The Sackler family is in the news, which has motivated me to finally pick up Patrick Radden Keefe’s Empire of Pain. Far be it for me to say a widely lauded New York Times bestseller is “very good”, but it’s very good. Framing it as a sprawling, Northeastern Gothic family history does seem to compress a lot of historical events and trends into the parts that intersect with the Sackler dynasty, but it gives it all very compelling thrust as a story of American capitalism in 20th century, overmedication, addiction and industrial decline.
This piece on the weirdness of LinkedIn. Despite being at its a core a hunting ground for recruiters, it has also developed a strange culture of would-be influencers and hustlers thriving in the weeds which grow up around its harebrained and often abandoned social features. Contains a great observation that you can find some of the most psycho discourse of any platform in the LinkedIn comments section — only with absolutely zero anonymity:
While these comments are nothing new in terms of online culture, they feel out of bounds on a professional website where people use their full names and disclose precisely where they work and the city they live in. In the alternate universe of LinkedIn, cancel culture either doesn’t exist, its inhabitants are blissfully unaware, or they simply don’t care.
Seems many have noticed that Netflix, in an effort to juice metrics, is increasingly relying on some of the tried-and-true tricks of early 2010s clickbait: provocative hero images, misleading titles and copy text, the kind of overt raunch you only see in terrible Outbrain/Taboola placements these days. A good piece in Slate on this.
I liked this from Ryan Broderick’s newsletter which asks the question: what makes a digital media outlet — like VICE, for example — different from Logan Paul’s small but reasonably sophisticated (and very popular!) media operation?
Interesting and underrated ad industry story: Facebook’s app install measurement for iPhone 12 users has been busted since February. In short: if you were advertising an app or game through Facebook, it wasn’t properly counting the number of iPhone 12 users who went through the ad and downloaded your product, meaning it was “undercounting paid attributions for the wealthiest, most lucrative owners of iOS hardware”. Since February! The media’s disastrous ‘pivot to video’ has often been blamed on Facebook’s bung video metrics, and this is just another example of how their bugs and product management failures can have outsized effects.
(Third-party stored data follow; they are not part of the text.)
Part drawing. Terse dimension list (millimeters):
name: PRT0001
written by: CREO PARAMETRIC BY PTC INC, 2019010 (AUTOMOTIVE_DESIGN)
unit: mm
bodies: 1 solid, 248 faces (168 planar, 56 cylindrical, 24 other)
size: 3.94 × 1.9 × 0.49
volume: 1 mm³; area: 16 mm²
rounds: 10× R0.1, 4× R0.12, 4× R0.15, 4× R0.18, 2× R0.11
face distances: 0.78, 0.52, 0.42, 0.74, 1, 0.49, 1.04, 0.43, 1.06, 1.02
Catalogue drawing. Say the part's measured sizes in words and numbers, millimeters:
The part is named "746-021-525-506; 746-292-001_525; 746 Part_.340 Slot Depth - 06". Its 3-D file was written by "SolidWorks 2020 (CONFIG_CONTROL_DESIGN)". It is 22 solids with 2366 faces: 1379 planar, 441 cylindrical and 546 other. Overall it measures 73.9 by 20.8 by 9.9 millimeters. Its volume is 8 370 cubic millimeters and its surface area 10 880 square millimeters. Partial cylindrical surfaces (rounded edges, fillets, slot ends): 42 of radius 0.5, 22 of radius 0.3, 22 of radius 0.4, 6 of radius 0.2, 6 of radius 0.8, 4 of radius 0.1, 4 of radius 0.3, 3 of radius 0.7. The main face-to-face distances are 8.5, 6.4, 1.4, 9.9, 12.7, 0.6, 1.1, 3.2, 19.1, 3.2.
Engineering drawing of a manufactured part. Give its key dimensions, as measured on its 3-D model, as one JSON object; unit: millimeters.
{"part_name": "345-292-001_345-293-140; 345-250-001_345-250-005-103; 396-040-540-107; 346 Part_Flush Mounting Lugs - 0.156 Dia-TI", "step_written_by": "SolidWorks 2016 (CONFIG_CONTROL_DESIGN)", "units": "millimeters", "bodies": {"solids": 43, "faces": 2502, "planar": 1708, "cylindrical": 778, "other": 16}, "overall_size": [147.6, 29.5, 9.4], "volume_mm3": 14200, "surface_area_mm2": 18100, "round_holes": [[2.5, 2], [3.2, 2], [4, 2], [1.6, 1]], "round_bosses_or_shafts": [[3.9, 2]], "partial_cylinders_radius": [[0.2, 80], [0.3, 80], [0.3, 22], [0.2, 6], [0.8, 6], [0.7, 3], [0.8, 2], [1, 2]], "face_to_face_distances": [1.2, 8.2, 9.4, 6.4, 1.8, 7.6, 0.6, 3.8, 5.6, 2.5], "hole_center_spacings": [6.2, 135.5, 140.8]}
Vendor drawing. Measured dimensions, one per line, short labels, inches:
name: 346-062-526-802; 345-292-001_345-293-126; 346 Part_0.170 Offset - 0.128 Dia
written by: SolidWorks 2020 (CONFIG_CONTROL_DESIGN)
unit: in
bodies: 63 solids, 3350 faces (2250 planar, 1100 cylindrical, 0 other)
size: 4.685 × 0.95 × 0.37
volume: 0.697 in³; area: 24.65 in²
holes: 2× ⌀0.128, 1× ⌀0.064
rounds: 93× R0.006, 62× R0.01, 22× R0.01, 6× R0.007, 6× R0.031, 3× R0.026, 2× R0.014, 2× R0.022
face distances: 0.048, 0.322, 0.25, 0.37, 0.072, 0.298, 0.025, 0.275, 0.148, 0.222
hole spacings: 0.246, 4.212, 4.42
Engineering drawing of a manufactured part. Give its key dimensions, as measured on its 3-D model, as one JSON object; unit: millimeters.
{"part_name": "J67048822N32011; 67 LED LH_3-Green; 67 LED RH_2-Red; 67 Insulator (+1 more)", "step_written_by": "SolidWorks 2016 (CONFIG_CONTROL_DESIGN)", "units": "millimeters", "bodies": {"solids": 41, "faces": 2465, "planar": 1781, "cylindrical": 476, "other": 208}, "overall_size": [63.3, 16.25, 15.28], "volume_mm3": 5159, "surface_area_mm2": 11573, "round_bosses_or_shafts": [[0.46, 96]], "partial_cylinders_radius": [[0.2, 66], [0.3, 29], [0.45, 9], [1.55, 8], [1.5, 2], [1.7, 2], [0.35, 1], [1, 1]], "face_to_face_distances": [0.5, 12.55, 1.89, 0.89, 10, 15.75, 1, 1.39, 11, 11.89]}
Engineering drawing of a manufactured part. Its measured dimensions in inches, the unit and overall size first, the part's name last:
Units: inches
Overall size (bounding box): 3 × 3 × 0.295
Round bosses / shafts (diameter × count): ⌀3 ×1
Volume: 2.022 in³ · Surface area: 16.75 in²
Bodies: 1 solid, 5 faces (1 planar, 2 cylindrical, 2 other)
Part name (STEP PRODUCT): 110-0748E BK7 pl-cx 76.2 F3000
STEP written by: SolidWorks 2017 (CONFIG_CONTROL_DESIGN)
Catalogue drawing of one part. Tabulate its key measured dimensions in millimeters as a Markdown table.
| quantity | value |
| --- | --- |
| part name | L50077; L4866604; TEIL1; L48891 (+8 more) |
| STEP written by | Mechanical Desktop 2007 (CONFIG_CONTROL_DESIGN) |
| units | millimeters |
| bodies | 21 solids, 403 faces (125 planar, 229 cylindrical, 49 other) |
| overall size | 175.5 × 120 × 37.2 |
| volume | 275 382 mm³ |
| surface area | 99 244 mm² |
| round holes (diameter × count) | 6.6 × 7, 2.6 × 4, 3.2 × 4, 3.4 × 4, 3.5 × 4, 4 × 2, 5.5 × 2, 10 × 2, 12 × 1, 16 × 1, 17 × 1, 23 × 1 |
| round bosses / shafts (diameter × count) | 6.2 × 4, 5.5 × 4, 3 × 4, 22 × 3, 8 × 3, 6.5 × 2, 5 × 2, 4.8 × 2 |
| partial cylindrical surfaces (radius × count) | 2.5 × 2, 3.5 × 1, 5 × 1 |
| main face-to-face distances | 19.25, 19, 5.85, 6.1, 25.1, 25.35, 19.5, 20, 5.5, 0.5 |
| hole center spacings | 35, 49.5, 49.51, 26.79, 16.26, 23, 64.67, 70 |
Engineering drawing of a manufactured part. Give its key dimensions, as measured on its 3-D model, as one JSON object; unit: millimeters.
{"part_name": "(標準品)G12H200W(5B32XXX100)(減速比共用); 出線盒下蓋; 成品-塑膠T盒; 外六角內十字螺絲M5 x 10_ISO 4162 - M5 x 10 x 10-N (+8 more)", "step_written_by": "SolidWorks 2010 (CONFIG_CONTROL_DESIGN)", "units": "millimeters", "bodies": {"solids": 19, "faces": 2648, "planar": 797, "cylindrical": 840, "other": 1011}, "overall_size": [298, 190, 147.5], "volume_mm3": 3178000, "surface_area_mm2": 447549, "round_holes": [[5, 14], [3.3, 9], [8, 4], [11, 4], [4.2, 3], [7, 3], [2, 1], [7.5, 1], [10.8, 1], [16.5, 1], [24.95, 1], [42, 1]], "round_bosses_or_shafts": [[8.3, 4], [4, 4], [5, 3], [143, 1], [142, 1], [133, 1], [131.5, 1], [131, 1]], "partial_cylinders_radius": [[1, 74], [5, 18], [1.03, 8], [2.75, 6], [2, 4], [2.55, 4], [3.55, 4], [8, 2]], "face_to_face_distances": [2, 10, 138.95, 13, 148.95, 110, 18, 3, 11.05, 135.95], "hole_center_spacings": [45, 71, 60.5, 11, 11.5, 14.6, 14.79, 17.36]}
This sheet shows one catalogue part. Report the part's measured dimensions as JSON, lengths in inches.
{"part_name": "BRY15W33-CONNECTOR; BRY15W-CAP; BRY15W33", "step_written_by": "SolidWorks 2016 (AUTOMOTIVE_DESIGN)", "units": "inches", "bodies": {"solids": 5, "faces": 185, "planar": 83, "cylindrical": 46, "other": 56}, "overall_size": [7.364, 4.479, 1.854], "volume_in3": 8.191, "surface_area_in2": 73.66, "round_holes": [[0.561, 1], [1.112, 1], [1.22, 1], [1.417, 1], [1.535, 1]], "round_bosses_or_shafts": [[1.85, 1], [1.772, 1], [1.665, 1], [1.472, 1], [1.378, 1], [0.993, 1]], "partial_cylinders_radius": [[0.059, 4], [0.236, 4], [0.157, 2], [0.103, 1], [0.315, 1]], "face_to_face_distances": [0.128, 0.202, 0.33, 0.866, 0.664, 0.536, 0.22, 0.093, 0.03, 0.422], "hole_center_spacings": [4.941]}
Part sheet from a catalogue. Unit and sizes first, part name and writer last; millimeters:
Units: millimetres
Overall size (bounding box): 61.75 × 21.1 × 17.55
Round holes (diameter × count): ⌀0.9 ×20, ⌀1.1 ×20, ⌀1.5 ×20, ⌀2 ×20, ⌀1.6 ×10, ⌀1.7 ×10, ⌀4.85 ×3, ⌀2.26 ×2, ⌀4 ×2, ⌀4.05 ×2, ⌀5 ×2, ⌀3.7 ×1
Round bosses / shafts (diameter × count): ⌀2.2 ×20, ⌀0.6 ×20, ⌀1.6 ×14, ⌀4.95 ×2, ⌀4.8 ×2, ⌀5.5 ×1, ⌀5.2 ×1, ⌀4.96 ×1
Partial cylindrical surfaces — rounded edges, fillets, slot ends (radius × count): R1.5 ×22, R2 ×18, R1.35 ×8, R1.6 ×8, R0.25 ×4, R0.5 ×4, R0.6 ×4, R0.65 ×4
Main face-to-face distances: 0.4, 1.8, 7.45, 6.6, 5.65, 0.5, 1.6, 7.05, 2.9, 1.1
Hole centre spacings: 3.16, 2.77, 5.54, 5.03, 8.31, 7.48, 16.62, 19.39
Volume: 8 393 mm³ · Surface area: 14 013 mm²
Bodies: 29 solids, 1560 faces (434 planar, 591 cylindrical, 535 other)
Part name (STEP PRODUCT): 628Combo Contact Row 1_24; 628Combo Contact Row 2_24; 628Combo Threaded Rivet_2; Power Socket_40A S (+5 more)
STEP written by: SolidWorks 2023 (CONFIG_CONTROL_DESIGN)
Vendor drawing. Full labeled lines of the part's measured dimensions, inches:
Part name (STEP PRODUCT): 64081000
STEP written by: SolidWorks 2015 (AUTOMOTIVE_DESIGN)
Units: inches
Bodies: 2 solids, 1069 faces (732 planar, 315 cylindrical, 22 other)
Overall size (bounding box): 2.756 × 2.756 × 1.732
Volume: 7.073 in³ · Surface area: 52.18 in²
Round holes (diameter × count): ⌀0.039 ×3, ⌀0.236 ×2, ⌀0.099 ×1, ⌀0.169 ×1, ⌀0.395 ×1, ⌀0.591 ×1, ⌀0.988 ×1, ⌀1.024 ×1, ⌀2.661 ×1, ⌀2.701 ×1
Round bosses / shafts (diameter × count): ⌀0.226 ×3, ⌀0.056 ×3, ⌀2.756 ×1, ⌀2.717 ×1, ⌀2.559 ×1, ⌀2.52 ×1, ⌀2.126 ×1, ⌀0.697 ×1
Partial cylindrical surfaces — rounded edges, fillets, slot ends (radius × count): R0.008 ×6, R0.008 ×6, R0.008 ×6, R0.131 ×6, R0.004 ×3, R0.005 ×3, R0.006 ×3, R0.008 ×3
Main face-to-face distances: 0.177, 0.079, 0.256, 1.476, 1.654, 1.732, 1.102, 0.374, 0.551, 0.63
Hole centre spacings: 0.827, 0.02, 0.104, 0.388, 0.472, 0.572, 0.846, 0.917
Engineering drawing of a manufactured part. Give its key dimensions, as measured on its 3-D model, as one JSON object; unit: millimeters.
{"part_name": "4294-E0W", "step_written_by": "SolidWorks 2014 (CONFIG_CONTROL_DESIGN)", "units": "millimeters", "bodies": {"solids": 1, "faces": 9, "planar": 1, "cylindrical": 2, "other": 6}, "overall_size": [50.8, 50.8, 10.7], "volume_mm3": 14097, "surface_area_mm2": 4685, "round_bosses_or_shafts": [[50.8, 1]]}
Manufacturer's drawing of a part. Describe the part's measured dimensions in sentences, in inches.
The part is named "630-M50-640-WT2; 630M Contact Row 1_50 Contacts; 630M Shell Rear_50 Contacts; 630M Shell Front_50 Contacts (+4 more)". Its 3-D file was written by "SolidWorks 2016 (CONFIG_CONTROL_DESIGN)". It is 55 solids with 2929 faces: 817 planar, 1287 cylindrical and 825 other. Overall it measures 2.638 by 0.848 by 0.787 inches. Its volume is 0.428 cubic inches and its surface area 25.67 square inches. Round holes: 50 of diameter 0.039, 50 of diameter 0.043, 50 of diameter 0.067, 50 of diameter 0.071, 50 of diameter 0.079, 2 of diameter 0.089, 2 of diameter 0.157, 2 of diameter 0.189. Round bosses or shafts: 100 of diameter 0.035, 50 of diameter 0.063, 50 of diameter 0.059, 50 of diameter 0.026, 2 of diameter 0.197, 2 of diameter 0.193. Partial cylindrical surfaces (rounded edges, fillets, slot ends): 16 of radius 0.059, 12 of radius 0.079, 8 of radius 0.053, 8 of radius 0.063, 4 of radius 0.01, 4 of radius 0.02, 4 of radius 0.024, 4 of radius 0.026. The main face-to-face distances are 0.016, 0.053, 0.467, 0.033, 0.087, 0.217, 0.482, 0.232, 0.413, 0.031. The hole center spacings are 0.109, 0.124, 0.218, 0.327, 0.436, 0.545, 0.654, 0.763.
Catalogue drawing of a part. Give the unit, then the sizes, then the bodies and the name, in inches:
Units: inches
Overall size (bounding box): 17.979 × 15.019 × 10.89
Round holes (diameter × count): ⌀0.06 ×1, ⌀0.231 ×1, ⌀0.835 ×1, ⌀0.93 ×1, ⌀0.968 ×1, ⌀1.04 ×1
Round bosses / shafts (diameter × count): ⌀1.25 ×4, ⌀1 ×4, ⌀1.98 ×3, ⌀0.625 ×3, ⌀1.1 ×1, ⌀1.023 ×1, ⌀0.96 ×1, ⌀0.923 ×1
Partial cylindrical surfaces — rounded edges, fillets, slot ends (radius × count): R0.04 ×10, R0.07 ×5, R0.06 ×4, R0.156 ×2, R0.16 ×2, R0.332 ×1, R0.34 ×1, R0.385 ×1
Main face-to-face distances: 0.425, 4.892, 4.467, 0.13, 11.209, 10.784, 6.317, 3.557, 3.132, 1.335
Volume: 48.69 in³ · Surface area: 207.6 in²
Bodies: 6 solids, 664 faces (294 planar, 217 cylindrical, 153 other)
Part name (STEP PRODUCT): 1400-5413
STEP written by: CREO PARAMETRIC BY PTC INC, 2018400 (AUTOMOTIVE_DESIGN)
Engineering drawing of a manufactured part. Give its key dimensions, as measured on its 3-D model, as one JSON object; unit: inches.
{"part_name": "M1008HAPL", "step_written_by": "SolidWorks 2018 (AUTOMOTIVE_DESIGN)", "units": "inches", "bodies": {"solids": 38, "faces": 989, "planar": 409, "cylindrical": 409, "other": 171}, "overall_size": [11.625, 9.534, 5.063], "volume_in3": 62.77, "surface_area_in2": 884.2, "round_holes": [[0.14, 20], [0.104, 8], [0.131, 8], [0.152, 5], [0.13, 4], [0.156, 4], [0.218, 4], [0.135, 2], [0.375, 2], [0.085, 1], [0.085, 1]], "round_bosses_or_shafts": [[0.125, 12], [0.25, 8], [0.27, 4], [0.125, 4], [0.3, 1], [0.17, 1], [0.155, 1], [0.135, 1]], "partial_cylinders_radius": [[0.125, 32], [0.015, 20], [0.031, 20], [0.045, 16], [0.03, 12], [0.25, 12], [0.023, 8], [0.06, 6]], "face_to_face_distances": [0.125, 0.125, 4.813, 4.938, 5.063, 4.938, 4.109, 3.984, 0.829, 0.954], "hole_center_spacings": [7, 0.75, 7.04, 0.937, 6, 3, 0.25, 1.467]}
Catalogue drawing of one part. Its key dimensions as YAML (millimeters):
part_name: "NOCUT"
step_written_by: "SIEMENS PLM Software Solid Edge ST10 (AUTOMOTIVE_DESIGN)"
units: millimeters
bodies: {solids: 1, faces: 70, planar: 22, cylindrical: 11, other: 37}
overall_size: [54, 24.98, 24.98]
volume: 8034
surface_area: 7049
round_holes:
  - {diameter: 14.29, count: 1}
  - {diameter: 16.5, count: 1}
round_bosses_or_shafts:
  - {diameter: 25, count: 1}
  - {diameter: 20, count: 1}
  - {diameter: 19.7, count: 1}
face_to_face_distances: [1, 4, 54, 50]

This piece on the relationship between low interest rates, inequality, and ageing populations.
Amazon is partnering with Affirm for buy now, pay later services in the US. One to watch. (It partners with Zip here.)
Enjoyed this piece on Jimmy Buffet’s Margaritaville and “the myth of American leisure”.
A great story if you’ve ever found yourself wondering about the intelligence of slime mold (I haven’t, but I try to accommodate all types on this newsletter.)
America’s ability to simply absorb over half a million deaths into the general background madness of the country is certainly worthy of study, though. At least the British seem to be expressing their anguish, even if it’s through esoteric avenues like the death of Geronimo the alpaca.